What is Huntington’s Disease?
Huntington’s Disease is a progressive, neurodegenerative disease that causes brain cells in the Basal Ganglia to diminish over time. Initially, this disease was named Hereditary Chorea because of the nature in which it develops. The genetic mutation that causes Huntington’s Disease is present at birth and is a result of specific building blocks of ones DNA being replicated more times than they should. The child of an individual who has the genetic mutation for Huntington’s Disease has a 50% chance of inheriting the mutation.
The specific gene that Huntington’s Disease develops on is chromosome 4. Children inheriting the copy of chromosome 4 that carries the disease from their parent will inevitably develop the symptoms of Huntington’s Disease over time. The gene that Huntington’s Disease resides in is responsible for producing a specific type of protein called Huntingtin. Huntingtin’s primary function in the body is unknown at this time but is believed to play a significant role in the early development of nerve cells.
This disease is characterized by a significant loss of brain cells, or neurons, in the part of the Basal Ganglia called the Striatum. An important function of the Striatum is the control of voluntary movement.
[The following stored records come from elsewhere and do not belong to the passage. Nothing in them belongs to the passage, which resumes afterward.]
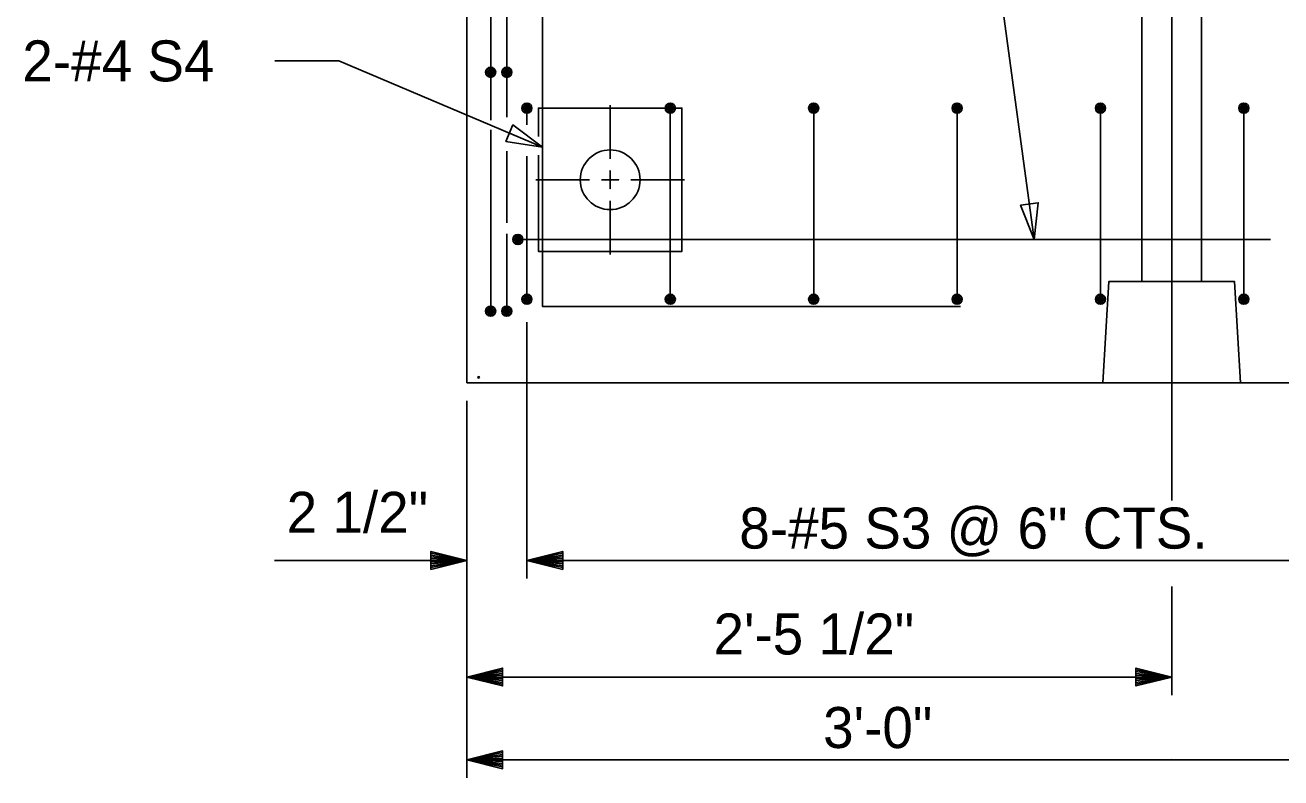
# Model space of a CAD drawing. Extents: x 0 to 177, y -1 to 127.
# Drawn here: x 145.724 to 150.104, y 67.64 to 70.265 of the extents above; entities that cross this region are included whole.
import ezdxf

# ---------------------------------------------------------------- set-up
doc = ezdxf.new("R2010")
doc.units = 0
for name, color, linetype in [('Arrowhead Terminators CELL', 7, 'Continuous'), ('Dimension Lines', 7, 'Continuous'), ('Mis Center Lines', 7, 'Continuous'), ('Rebar Lines', 7, 'Continuous'), ('Sup Concrete Girder Lines', 7, 'Continuous'), ('Sup Cored Slab Unit', 7, 'Continuous'), ('Text', 7, 'Continuous'), ('User Information Notes', 7, 'Continuous')]:
    doc.layers.add(name, color=color, linetype=linetype)

msp = doc.modelspace()

# ---------------------------------------------------------------- linework, layer by layer
at = {"layer": 'Arrowhead Terminators CELL'}
for points in [[(147.528, 69.8396), (147.4251, 69.9172), (147.4007, 69.8596)], [(149.2435, 69.5174), (149.2577, 69.6454), (149.1958, 69.637)]]:
    msp.add_lwpolyline(points, close=True, dxfattribs=at)
at = {"layer": 'Dimension Lines'}
for p, q in [((149.0244, 71.1323), (149.2435, 69.5174)), ((147.7645, 69.7987), (147.7645, 69.9862)), ((147.6929, 69.7257), (147.5054, 69.7257)), ((148.0236, 69.7257), (147.8361, 69.7257)), ((147.7645, 69.4652), (147.7645, 69.6527)), ((147.4743, 68.3352), (147.4743, 69.2288)), ((149.7228, 68.6075), (149.7228, 69.1802)), ((147.2645, 67.6395), (147.2645, 68.9549)), ((146.594, 68.3982), (147.2645, 68.3982)), ((147.4743, 68.3982), (150.9743, 68.3982)), ((149.7228, 67.9283), (149.7228, 68.3067)), ((147.2645, 67.9913), (149.7228, 67.9913)), ((147.2645, 67.7026), (150.2645, 67.7026))]:
    msp.add_line(p, q, dxfattribs=at)
for points in [[(146.5949, 70.1404), (146.8182, 70.1404), (147.528, 69.8396)], [(147.7346, 69.7257), (147.7645, 69.7257), (147.7944, 69.7257), (147.7645, 69.7257), (147.7645, 69.757), (147.7645, 69.7257), (147.7645, 69.6943), (147.7645, 69.7257)], [(147.1395, 68.3982), (147.1395, 68.4044), (147.2645, 68.3982), (147.1395, 68.4107), (147.1395, 68.4169), (147.2645, 68.3982), (147.1395, 68.4232), (147.1395, 68.4294), (147.2645, 68.3982), (147.1395, 68.3669), (147.1395, 68.3732), (147.2645, 68.3982), (147.1395, 68.3794), (147.1395, 68.3857), (147.2645, 68.3982), (147.1395, 68.3919), (147.1395, 68.4294), (147.1395, 68.3669), (147.2645, 68.3982), (147.1395, 68.4294)], [(147.5993, 68.3982), (147.5993, 68.3919), (147.4743, 68.3982), (147.5993, 68.3857), (147.5993, 68.3794), (147.4743, 68.3982), (147.5993, 68.3732), (147.5993, 68.3669), (147.4743, 68.3982), (147.5993, 68.4294), (147.5993, 68.4232), (147.4743, 68.3982), (147.5993, 68.4169), (147.5993, 68.4107), (147.4743, 68.3982), (147.5993, 68.4044), (147.5993, 68.3669), (147.5993, 68.4294), (147.4743, 68.3982), (147.5993, 68.3669)], [(147.3895, 67.9913), (147.3895, 67.9851), (147.2645, 67.9913), (147.3895, 67.9788), (147.3895, 67.9726), (147.2645, 67.9913), (147.3895, 67.9663), (147.3895, 67.9601), (147.2645, 67.9913), (147.3895, 68.0226), (147.3895, 68.0163), (147.2645, 67.9913), (147.3895, 68.0101), (147.3895, 68.0038), (147.2645, 67.9913), (147.3895, 67.9976), (147.3895, 67.9601), (147.3895, 68.0226), (147.2645, 67.9913), (147.3895, 67.9601)], [(149.5978, 67.9913), (149.5978, 67.9976), (149.7228, 67.9913), (149.5978, 68.0038), (149.5978, 68.0101), (149.7228, 67.9913), (149.5978, 68.0163), (149.5978, 68.0226), (149.7228, 67.9913), (149.5978, 67.9601), (149.5978, 67.9663), (149.7228, 67.9913), (149.5978, 67.9726), (149.5978, 67.9788), (149.7228, 67.9913), (149.5978, 67.9851), (149.5978, 68.0226), (149.5978, 67.9601), (149.7228, 67.9913), (149.5978, 68.0226)], [(147.3895, 67.7026), (147.3895, 67.6963), (147.2645, 67.7026), (147.3895, 67.6901), (147.3895, 67.6838), (147.2645, 67.7026), (147.3895, 67.6776), (147.3895, 67.6713), (147.2645, 67.7026), (147.3895, 67.7338), (147.3895, 67.7276), (147.2645, 67.7026), (147.3895, 67.7213), (147.3895, 67.7151), (147.2645, 67.7026), (147.3895, 67.7088), (147.3895, 67.6713), (147.3895, 67.7338), (147.2645, 67.7026), (147.3895, 67.6713)]]:
    msp.add_lwpolyline(points, dxfattribs=at)
at = {"layer": 'Mis Center Lines'}
msp.add_line((149.7228, 69.0174), (149.7228, 72.0174), dxfattribs=at)
at = {"layer": 'Rebar Lines'}
for p, q in [((147.4039, 69.9438), (147.4039, 70.5071)), ((147.3478, 69.9334), (147.3478, 70.3942)), ((147.4743, 69.9177), (147.4743, 69.9756)), ((147.9743, 69.309), (147.9743, 69.9756)), ((148.4743, 69.309), (148.4743, 69.9756)), ((148.9743, 69.309), (148.9743, 69.9756)), ((149.4743, 69.309), (149.4743, 69.9756)), ((149.9743, 69.309), (149.9743, 69.9756)), ((147.3478, 69.2674), (147.3478, 69.8997)), ((147.4039, 69.5752), (147.4039, 69.8251)), ((147.4743, 69.309), (147.4743, 69.8085)), ((147.4039, 69.2674), (147.4039, 69.5373)), ((147.4428, 69.5174), (150.0678, 69.5174))]:
    msp.add_line(p, q, dxfattribs=at)
for points in [[(148.9865, 71.7509), (147.528, 71.7509), (147.528, 69.2843), (148.9865, 69.2843)], [(147.3302, 70.1007), (147.3315, 70.1074), (147.3353, 70.1131), (147.341, 70.117), (147.3478, 70.1183), (147.3545, 70.117), (147.3602, 70.1131), (147.364, 70.1075), (147.3654, 70.1007), (147.364, 70.094), (147.3602, 70.0882), (147.3545, 70.0844), (147.3478, 70.083), (147.341, 70.0844), (147.3353, 70.0882), (147.3315, 70.0939), (147.3302, 70.1007), (147.3478, 70.1007), (147.3654, 70.1007), (147.364, 70.1075), (147.3478, 70.1007), (147.3602, 70.1131), (147.3545, 70.117), (147.3478, 70.1007), (147.3478, 70.1183), (147.341, 70.117), (147.3478, 70.1007), (147.3353, 70.1131), (147.3315, 70.1074), (147.3478, 70.1007), (147.3315, 70.0939), (147.3353, 70.0882), (147.3478, 70.1007), (147.341, 70.0844), (147.3478, 70.083), (147.3478, 70.1007), (147.3545, 70.0844), (147.3602, 70.0882), (147.3478, 70.1007), (147.364, 70.094)], [(147.3863, 70.1007), (147.3876, 70.1074), (147.3914, 70.1131), (147.3972, 70.117), (147.4039, 70.1183), (147.4106, 70.117), (147.4164, 70.1131), (147.4202, 70.1075), (147.4215, 70.1007), (147.4202, 70.094), (147.4164, 70.0882), (147.4107, 70.0844), (147.4039, 70.083), (147.3972, 70.0844), (147.3915, 70.0882), (147.3876, 70.0939), (147.3863, 70.1007), (147.4039, 70.1007), (147.4215, 70.1007), (147.4202, 70.1075), (147.4039, 70.1007), (147.4164, 70.1131), (147.4106, 70.117), (147.4039, 70.1007), (147.4039, 70.1183), (147.3972, 70.117), (147.4039, 70.1007), (147.3914, 70.1131), (147.3876, 70.1074), (147.4039, 70.1007), (147.3876, 70.0939), (147.3915, 70.0882), (147.4039, 70.1007), (147.3972, 70.0844), (147.4039, 70.083), (147.4039, 70.1007), (147.4107, 70.0844), (147.4164, 70.0882), (147.4039, 70.1007), (147.4202, 70.094)], [(147.4567, 69.9756), (147.458, 69.9824), (147.4618, 69.9881), (147.4675, 69.9919), (147.4743, 69.9932), (147.481, 69.9919), (147.4867, 69.9881), (147.4905, 69.9824), (147.4919, 69.9756), (147.4905, 69.9689), (147.4867, 69.9632), (147.4811, 69.9593), (147.4743, 69.958), (147.4675, 69.9593), (147.4618, 69.9631), (147.458, 69.9689), (147.4567, 69.9756), (147.4743, 69.9756), (147.4919, 69.9756), (147.4905, 69.9824), (147.4743, 69.9756), (147.4867, 69.9881), (147.481, 69.9919), (147.4743, 69.9756), (147.4743, 69.9932), (147.4675, 69.9919), (147.4743, 69.9756), (147.4618, 69.9881), (147.458, 69.9824), (147.4743, 69.9756), (147.458, 69.9689), (147.4618, 69.9631), (147.4743, 69.9756), (147.4675, 69.9593), (147.4743, 69.958), (147.4743, 69.9756), (147.4811, 69.9593), (147.4867, 69.9632), (147.4743, 69.9756), (147.4905, 69.9689)], [(147.9567, 69.9756), (147.958, 69.9824), (147.9618, 69.9881), (147.9675, 69.9919), (147.9743, 69.9932), (147.981, 69.9919), (147.9867, 69.9881), (147.9905, 69.9824), (147.9919, 69.9756), (147.9905, 69.9689), (147.9867, 69.9632), (147.9811, 69.9593), (147.9743, 69.958), (147.9675, 69.9593), (147.9618, 69.9631), (147.958, 69.9689), (147.9567, 69.9756), (147.9743, 69.9756), (147.9919, 69.9756), (147.9905, 69.9824), (147.9743, 69.9756), (147.9867, 69.9881), (147.981, 69.9919), (147.9743, 69.9756), (147.9743, 69.9932), (147.9675, 69.9919), (147.9743, 69.9756), (147.9618, 69.9881), (147.958, 69.9824), (147.9743, 69.9756), (147.958, 69.9689), (147.9618, 69.9631), (147.9743, 69.9756), (147.9675, 69.9593), (147.9743, 69.958), (147.9743, 69.9756), (147.9811, 69.9593), (147.9867, 69.9632), (147.9743, 69.9756), (147.9905, 69.9689)], [(148.4567, 69.9756), (148.458, 69.9824), (148.4618, 69.9881), (148.4675, 69.9919), (148.4743, 69.9932), (148.481, 69.9919), (148.4867, 69.9881), (148.4905, 69.9824), (148.4919, 69.9756), (148.4905, 69.9689), (148.4867, 69.9632), (148.4811, 69.9593), (148.4743, 69.958), (148.4675, 69.9593), (148.4618, 69.9631), (148.458, 69.9689), (148.4567, 69.9756), (148.4743, 69.9756), (148.4919, 69.9756), (148.4905, 69.9824), (148.4743, 69.9756), (148.4867, 69.9881), (148.481, 69.9919), (148.4743, 69.9756), (148.4743, 69.9932), (148.4675, 69.9919), (148.4743, 69.9756), (148.4618, 69.9881), (148.458, 69.9824), (148.4743, 69.9756), (148.458, 69.9689), (148.4618, 69.9631), (148.4743, 69.9756), (148.4675, 69.9593), (148.4743, 69.958), (148.4743, 69.9756), (148.4811, 69.9593), (148.4867, 69.9632), (148.4743, 69.9756), (148.4905, 69.9689)], [(148.9567, 69.9756), (148.958, 69.9824), (148.9618, 69.9881), (148.9675, 69.9919), (148.9743, 69.9932), (148.981, 69.9919), (148.9867, 69.9881), (148.9905, 69.9824), (148.9919, 69.9756), (148.9905, 69.9689), (148.9867, 69.9632), (148.9811, 69.9593), (148.9743, 69.958), (148.9675, 69.9593), (148.9618, 69.9631), (148.958, 69.9689), (148.9567, 69.9756), (148.9743, 69.9756), (148.9919, 69.9756), (148.9905, 69.9824), (148.9743, 69.9756), (148.9867, 69.9881), (148.981, 69.9919), (148.9743, 69.9756), (148.9743, 69.9932), (148.9675, 69.9919), (148.9743, 69.9756), (148.9618, 69.9881), (148.958, 69.9824), (148.9743, 69.9756), (148.958, 69.9689), (148.9618, 69.9631), (148.9743, 69.9756), (148.9675, 69.9593), (148.9743, 69.958), (148.9743, 69.9756), (148.9811, 69.9593), (148.9867, 69.9632), (148.9743, 69.9756), (148.9905, 69.9689)], [(149.4567, 69.9756), (149.458, 69.9824), (149.4618, 69.9881), (149.4675, 69.9919), (149.4743, 69.9932), (149.481, 69.9919), (149.4867, 69.9881), (149.4905, 69.9824), (149.4919, 69.9756), (149.4905, 69.9689), (149.4867, 69.9632), (149.4811, 69.9593), (149.4743, 69.958), (149.4675, 69.9593), (149.4618, 69.9631), (149.458, 69.9689), (149.4567, 69.9756), (149.4743, 69.9756), (149.4919, 69.9756), (149.4905, 69.9824), (149.4743, 69.9756), (149.4867, 69.9881), (149.481, 69.9919), (149.4743, 69.9756), (149.4743, 69.9932), (149.4675, 69.9919), (149.4743, 69.9756), (149.4618, 69.9881), (149.458, 69.9824), (149.4743, 69.9756), (149.458, 69.9689), (149.4618, 69.9631), (149.4743, 69.9756), (149.4675, 69.9593), (149.4743, 69.958), (149.4743, 69.9756), (149.4811, 69.9593), (149.4867, 69.9632), (149.4743, 69.9756), (149.4905, 69.9689)], [(149.9567, 69.9756), (149.958, 69.9824), (149.9618, 69.9881), (149.9675, 69.9919), (149.9743, 69.9932), (149.981, 69.9919), (149.9867, 69.9881), (149.9905, 69.9824), (149.9919, 69.9756), (149.9905, 69.9689), (149.9867, 69.9632), (149.9811, 69.9593), (149.9743, 69.958), (149.9675, 69.9593), (149.9618, 69.9631), (149.958, 69.9689), (149.9567, 69.9756), (149.9743, 69.9756), (149.9919, 69.9756), (149.9905, 69.9824), (149.9743, 69.9756), (149.9867, 69.9881), (149.981, 69.9919), (149.9743, 69.9756), (149.9743, 69.9932), (149.9675, 69.9919), (149.9743, 69.9756), (149.9618, 69.9881), (149.958, 69.9824), (149.9743, 69.9756), (149.958, 69.9689), (149.9618, 69.9631), (149.9743, 69.9756), (149.9675, 69.9593), (149.9743, 69.958), (149.9743, 69.9756), (149.9811, 69.9593), (149.9867, 69.9632), (149.9743, 69.9756), (149.9905, 69.9689)], [(147.4252, 69.5174), (147.4265, 69.5241), (147.4303, 69.5298), (147.436, 69.5337), (147.4428, 69.535), (147.4495, 69.5337), (147.4553, 69.5298), (147.4591, 69.5241), (147.4604, 69.5174), (147.4591, 69.5106), (147.4553, 69.5049), (147.4496, 69.5011), (147.4428, 69.4997), (147.436, 69.5011), (147.4304, 69.5049), (147.4265, 69.5106), (147.4252, 69.5174), (147.4428, 69.5174), (147.4604, 69.5174), (147.4591, 69.5241), (147.4428, 69.5174), (147.4553, 69.5298), (147.4495, 69.5337), (147.4428, 69.5174), (147.4428, 69.535), (147.436, 69.5337), (147.4428, 69.5174), (147.4303, 69.5298), (147.4265, 69.5241), (147.4428, 69.5174), (147.4265, 69.5106), (147.4304, 69.5049), (147.4428, 69.5174), (147.436, 69.5011), (147.4428, 69.4997), (147.4428, 69.5174), (147.4496, 69.5011), (147.4553, 69.5049), (147.4428, 69.5174), (147.4591, 69.5106)], [(147.3302, 69.2674), (147.3315, 69.2741), (147.3353, 69.2798), (147.341, 69.2837), (147.3478, 69.285), (147.3545, 69.2837), (147.3602, 69.2798), (147.364, 69.2741), (147.3654, 69.2674), (147.364, 69.2606), (147.3602, 69.2549), (147.3545, 69.2511), (147.3478, 69.2497), (147.341, 69.2511), (147.3353, 69.2549), (147.3315, 69.2606), (147.3302, 69.2674), (147.3478, 69.2674), (147.3654, 69.2674), (147.364, 69.2741), (147.3478, 69.2674), (147.3602, 69.2798), (147.3545, 69.2837), (147.3478, 69.2674), (147.3478, 69.285), (147.341, 69.2837), (147.3478, 69.2674), (147.3353, 69.2798), (147.3315, 69.2741), (147.3478, 69.2674), (147.3315, 69.2606), (147.3353, 69.2549), (147.3478, 69.2674), (147.341, 69.2511), (147.3478, 69.2497), (147.3478, 69.2674), (147.3545, 69.2511), (147.3602, 69.2549), (147.3478, 69.2674), (147.364, 69.2606)], [(147.3862, 69.2674), (147.3875, 69.2741), (147.3913, 69.2798), (147.397, 69.2837), (147.4038, 69.285), (147.4105, 69.2837), (147.4163, 69.2798), (147.4201, 69.2741), (147.4214, 69.2674), (147.4201, 69.2606), (147.4163, 69.2549), (147.4106, 69.2511), (147.4038, 69.2497), (147.397, 69.2511), (147.3914, 69.2549), (147.3875, 69.2606), (147.3862, 69.2674), (147.4038, 69.2674), (147.4214, 69.2674), (147.4201, 69.2741), (147.4038, 69.2674), (147.4163, 69.2798), (147.4105, 69.2837), (147.4038, 69.2674), (147.4038, 69.285), (147.397, 69.2837), (147.4038, 69.2674), (147.3913, 69.2798), (147.3875, 69.2741), (147.4038, 69.2674), (147.3875, 69.2606), (147.3914, 69.2549), (147.4038, 69.2674), (147.397, 69.2511), (147.4038, 69.2497), (147.4038, 69.2674), (147.4106, 69.2511), (147.4163, 69.2549), (147.4038, 69.2674), (147.4201, 69.2606)], [(147.4567, 69.309), (147.458, 69.3157), (147.4618, 69.3214), (147.4675, 69.3253), (147.4743, 69.3266), (147.481, 69.3253), (147.4867, 69.3214), (147.4905, 69.3157), (147.4919, 69.309), (147.4905, 69.3022), (147.4867, 69.2965), (147.4811, 69.2927), (147.4743, 69.2913), (147.4675, 69.2927), (147.4618, 69.2965), (147.458, 69.3022), (147.4567, 69.309), (147.4743, 69.309), (147.4919, 69.309), (147.4905, 69.3157), (147.4743, 69.309), (147.4867, 69.3214), (147.481, 69.3253), (147.4743, 69.309), (147.4743, 69.3266), (147.4675, 69.3253), (147.4743, 69.309), (147.4618, 69.3214), (147.458, 69.3157), (147.4743, 69.309), (147.458, 69.3022), (147.4618, 69.2965), (147.4743, 69.309), (147.4675, 69.2927), (147.4743, 69.2913), (147.4743, 69.309), (147.4811, 69.2927), (147.4867, 69.2965), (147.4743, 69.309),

The loss of neurons in this part of the brain results in the loss of ones ability to control movements of the body. Huntington’s Disease also impacts the outer layer of the brain called the Cerebral Cortex. This part of the brain plays a significant role in memory, perception, and emotion. At this time, there is no cure for Huntington’s Disease nor has there been a method developed to slow the progression of symptoms.